■ WHAT YOU SHOULD DO
The expected output is a verbatim reprint of the lines from the beginning of the data that follows through the line that contains "FILE_DESCRIPTION(/* description */".

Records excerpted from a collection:
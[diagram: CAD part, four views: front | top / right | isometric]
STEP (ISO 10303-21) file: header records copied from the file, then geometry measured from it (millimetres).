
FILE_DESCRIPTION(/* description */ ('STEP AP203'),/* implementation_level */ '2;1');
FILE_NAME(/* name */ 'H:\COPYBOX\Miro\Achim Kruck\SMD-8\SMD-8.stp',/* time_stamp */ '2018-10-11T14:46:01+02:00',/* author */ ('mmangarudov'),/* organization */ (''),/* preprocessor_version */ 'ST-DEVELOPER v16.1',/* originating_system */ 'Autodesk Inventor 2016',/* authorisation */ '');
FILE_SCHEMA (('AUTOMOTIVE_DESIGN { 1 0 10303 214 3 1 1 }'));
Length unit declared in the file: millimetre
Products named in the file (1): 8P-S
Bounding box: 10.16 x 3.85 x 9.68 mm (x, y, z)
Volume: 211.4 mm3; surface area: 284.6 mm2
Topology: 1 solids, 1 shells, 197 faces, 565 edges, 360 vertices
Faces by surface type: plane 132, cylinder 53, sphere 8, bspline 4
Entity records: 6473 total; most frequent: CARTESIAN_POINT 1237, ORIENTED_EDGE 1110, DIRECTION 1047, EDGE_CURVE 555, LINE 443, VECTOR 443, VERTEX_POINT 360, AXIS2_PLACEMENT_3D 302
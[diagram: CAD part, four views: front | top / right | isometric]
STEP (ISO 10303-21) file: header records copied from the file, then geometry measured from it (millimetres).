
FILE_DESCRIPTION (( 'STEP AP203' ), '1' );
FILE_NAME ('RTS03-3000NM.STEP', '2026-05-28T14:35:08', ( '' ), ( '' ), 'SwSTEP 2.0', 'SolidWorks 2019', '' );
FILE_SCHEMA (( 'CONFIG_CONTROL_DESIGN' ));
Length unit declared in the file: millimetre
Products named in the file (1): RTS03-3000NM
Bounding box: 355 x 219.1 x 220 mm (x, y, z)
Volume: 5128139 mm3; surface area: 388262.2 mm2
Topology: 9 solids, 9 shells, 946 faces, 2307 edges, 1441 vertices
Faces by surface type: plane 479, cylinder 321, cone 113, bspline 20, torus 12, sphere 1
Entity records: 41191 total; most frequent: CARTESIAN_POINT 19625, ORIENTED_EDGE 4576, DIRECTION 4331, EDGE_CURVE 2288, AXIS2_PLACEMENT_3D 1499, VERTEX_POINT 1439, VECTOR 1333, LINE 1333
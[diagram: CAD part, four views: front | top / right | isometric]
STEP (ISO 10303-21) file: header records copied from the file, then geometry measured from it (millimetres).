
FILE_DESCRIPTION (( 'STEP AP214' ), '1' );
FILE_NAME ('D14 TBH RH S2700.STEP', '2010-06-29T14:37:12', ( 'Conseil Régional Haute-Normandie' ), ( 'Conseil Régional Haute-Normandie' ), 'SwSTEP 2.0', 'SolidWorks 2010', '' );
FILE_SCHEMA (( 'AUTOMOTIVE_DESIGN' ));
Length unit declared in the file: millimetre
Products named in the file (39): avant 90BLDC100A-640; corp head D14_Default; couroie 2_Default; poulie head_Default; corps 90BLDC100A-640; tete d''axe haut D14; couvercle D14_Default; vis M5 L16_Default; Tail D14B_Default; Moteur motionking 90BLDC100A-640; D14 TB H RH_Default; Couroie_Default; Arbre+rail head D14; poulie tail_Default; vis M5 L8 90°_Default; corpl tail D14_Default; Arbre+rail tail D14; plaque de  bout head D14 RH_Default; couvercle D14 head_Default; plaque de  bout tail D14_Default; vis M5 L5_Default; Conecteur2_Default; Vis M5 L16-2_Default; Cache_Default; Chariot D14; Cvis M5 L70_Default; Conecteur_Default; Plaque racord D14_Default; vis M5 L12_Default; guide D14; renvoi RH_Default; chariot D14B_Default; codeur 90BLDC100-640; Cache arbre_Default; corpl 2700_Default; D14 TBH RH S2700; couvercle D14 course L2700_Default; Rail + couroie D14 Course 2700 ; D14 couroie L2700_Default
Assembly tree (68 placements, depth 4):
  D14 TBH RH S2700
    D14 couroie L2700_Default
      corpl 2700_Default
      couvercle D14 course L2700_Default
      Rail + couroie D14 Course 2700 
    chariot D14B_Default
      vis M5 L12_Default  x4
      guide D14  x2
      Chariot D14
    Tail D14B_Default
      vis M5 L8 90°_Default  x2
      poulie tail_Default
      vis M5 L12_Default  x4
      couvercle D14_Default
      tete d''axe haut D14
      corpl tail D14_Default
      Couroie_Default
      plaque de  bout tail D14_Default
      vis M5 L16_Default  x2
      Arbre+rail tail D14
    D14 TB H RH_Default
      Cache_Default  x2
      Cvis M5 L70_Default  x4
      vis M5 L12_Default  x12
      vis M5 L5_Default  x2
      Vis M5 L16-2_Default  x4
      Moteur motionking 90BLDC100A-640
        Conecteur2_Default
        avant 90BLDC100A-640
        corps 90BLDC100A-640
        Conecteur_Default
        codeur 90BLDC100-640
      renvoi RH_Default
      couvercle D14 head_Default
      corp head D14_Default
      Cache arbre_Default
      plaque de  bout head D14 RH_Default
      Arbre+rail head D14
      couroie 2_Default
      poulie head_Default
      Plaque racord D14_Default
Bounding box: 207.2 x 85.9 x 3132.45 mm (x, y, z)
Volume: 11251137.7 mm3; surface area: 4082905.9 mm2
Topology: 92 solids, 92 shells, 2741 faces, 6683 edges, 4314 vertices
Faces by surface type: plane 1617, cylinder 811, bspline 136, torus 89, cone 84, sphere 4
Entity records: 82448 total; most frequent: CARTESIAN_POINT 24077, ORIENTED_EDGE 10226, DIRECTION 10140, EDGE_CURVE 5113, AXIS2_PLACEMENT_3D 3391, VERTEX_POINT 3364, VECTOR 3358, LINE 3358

■ RESPONSE BOX
[diagram: CAD part, four views: front | top / right | isometric]
STEP (ISO 10303-21) file: header records copied from the file, then geometry measured from it (millimetres).
FILE_DESCRIPTION(/* description */ ('STEP AP203'),/* implementation_level */ '2;1');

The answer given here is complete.